_Goal of the exercise_. Report back the lines in this listing that carry the string "added".

========

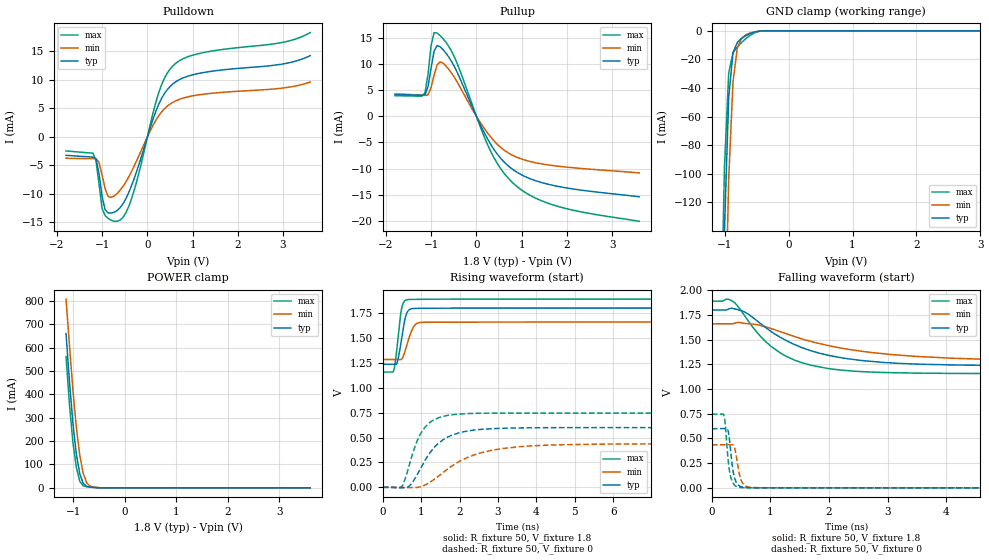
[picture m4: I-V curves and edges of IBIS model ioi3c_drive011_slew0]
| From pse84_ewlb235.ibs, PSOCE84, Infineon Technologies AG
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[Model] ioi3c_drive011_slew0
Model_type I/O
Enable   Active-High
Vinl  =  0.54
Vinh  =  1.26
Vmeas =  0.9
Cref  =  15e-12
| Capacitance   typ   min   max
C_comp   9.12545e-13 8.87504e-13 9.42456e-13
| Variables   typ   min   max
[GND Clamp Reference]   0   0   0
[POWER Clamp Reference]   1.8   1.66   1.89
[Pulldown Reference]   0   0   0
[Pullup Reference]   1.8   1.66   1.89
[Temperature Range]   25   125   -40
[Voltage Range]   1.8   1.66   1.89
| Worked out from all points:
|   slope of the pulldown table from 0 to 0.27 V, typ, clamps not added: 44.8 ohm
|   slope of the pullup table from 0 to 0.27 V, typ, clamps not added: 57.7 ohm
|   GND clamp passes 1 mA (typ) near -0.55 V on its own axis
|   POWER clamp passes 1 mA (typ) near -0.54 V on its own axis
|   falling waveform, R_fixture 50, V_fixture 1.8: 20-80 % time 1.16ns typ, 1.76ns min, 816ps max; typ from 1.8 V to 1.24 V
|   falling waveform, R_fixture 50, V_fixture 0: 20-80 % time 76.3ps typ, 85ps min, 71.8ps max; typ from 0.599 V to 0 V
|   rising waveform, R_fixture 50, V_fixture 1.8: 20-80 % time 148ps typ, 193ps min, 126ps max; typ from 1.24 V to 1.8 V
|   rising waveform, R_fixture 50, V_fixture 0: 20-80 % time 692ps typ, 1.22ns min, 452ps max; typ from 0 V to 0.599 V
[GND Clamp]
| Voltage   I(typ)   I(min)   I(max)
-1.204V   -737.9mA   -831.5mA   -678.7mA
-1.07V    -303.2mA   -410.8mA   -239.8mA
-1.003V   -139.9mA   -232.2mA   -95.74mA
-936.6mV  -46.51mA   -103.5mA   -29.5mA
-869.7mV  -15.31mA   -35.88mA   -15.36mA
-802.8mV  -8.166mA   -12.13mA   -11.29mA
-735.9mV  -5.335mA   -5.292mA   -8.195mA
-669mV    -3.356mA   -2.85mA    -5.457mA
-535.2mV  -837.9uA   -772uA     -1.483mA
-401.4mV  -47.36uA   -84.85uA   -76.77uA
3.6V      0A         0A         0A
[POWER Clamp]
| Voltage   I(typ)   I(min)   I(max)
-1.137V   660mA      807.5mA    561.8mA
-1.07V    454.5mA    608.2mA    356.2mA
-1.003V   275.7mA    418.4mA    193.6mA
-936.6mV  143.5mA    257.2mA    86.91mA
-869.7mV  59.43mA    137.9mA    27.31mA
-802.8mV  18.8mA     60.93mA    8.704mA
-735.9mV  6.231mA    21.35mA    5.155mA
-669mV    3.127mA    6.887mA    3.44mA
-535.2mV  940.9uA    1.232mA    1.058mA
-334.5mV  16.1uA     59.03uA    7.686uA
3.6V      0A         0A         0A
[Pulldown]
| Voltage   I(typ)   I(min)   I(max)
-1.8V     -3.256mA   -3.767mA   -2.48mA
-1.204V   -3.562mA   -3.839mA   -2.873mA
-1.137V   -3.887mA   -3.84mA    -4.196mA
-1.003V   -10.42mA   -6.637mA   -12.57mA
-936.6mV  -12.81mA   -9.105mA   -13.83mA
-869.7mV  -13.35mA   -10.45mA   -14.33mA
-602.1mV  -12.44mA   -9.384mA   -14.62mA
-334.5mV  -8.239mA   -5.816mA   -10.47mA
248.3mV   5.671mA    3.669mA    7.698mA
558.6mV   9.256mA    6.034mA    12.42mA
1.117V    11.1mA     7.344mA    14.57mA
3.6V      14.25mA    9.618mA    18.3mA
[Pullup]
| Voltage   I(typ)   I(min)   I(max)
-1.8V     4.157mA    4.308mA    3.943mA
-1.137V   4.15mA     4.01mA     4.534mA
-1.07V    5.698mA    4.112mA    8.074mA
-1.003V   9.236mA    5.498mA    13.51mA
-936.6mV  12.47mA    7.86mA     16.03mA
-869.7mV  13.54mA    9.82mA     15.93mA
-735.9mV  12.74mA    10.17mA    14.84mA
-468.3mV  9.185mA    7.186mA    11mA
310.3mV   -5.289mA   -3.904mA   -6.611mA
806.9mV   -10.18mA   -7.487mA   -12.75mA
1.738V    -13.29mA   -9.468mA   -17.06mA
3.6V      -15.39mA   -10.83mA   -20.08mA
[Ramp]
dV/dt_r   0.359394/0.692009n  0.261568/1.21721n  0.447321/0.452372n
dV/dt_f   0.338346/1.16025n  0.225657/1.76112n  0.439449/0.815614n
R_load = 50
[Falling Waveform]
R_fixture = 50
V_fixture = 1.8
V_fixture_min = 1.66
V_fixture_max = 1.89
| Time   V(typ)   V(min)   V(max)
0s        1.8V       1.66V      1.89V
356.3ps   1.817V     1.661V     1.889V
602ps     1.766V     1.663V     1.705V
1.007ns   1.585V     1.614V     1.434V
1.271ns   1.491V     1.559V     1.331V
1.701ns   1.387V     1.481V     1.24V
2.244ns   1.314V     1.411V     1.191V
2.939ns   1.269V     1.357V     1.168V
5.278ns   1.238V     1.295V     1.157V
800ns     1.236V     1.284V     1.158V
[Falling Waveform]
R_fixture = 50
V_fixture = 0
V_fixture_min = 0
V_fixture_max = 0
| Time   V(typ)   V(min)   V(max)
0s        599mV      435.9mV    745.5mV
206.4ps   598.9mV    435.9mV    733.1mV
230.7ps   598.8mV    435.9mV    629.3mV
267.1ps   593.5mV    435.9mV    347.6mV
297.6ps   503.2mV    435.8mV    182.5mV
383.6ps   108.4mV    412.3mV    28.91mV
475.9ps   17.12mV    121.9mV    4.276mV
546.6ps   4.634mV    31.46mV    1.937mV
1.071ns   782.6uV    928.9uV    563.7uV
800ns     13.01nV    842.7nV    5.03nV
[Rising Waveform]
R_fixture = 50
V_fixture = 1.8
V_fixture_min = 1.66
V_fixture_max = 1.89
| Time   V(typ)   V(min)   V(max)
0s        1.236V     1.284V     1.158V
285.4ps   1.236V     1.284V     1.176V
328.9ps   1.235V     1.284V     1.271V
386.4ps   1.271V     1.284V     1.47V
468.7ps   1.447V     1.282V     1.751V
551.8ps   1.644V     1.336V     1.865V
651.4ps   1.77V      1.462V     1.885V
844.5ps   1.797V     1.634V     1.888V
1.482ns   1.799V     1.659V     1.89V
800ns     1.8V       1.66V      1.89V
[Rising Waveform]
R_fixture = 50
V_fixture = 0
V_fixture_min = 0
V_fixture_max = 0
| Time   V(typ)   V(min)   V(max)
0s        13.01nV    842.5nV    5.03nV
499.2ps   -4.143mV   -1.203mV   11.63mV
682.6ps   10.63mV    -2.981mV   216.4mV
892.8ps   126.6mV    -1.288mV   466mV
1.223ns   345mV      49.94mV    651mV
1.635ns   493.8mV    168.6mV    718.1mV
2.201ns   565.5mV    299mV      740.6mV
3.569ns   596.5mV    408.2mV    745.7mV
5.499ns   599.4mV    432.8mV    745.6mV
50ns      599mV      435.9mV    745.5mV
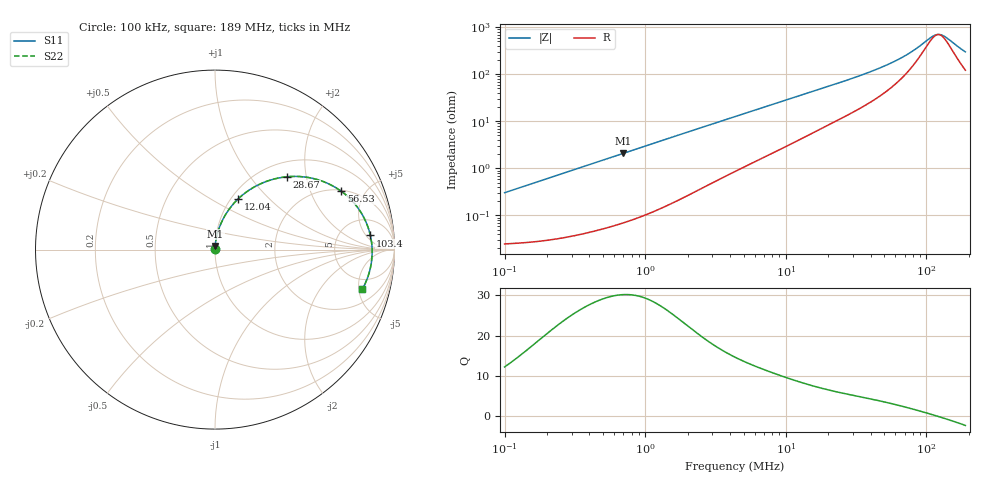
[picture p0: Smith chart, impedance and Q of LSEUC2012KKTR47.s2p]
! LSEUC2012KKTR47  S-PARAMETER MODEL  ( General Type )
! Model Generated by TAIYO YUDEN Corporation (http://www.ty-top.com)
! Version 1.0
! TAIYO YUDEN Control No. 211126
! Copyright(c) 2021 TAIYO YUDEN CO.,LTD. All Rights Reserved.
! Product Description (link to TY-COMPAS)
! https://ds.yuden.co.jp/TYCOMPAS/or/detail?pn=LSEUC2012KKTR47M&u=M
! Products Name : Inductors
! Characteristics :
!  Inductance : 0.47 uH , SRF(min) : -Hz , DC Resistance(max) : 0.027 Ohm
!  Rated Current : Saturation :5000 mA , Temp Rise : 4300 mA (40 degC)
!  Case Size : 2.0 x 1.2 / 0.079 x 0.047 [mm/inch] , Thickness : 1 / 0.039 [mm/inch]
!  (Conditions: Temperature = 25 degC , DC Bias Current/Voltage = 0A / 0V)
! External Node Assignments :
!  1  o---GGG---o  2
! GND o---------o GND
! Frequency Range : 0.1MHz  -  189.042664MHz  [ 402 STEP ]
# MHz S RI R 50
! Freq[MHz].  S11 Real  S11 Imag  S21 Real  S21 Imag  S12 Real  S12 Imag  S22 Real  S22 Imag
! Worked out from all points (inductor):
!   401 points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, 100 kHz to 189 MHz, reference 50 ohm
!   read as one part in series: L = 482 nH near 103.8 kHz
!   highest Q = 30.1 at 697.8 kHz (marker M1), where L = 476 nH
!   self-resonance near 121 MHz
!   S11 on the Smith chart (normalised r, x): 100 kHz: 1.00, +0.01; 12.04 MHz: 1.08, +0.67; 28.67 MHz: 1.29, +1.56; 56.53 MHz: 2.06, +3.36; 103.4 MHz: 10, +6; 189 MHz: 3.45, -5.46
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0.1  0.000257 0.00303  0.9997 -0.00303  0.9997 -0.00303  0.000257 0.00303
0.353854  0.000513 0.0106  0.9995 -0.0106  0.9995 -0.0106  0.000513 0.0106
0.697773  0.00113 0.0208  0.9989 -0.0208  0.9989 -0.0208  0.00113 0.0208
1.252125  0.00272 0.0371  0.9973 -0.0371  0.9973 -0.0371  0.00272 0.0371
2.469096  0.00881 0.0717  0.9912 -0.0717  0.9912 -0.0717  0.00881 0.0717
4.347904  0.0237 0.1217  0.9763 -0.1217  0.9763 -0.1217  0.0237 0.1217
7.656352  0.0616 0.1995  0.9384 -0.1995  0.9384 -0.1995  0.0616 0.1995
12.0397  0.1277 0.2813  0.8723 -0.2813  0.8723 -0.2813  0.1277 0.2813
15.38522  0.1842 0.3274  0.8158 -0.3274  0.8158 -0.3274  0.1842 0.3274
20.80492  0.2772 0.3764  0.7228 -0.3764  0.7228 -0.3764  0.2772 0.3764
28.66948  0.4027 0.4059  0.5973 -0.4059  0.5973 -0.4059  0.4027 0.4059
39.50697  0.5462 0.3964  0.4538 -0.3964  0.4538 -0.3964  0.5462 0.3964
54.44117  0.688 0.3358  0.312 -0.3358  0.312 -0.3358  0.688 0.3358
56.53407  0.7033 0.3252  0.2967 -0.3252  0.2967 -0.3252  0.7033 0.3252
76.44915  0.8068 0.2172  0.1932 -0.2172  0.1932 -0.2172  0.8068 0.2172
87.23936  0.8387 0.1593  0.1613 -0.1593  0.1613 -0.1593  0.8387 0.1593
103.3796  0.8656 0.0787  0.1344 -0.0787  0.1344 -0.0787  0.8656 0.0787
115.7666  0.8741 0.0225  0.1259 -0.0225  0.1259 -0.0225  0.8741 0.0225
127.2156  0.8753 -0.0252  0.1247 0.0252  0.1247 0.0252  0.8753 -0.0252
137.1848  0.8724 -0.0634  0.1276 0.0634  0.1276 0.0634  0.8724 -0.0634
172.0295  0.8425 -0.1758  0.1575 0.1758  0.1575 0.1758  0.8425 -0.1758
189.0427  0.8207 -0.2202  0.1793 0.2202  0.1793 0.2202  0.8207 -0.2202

========

_Written response_.
|   slope of the pulldown table from 0 to 0.27 V, typ, clamps not added: 44.8 ohm
|   slope of the pullup table from 0 to 0.27 V, typ, clamps not added: 57.7 ohm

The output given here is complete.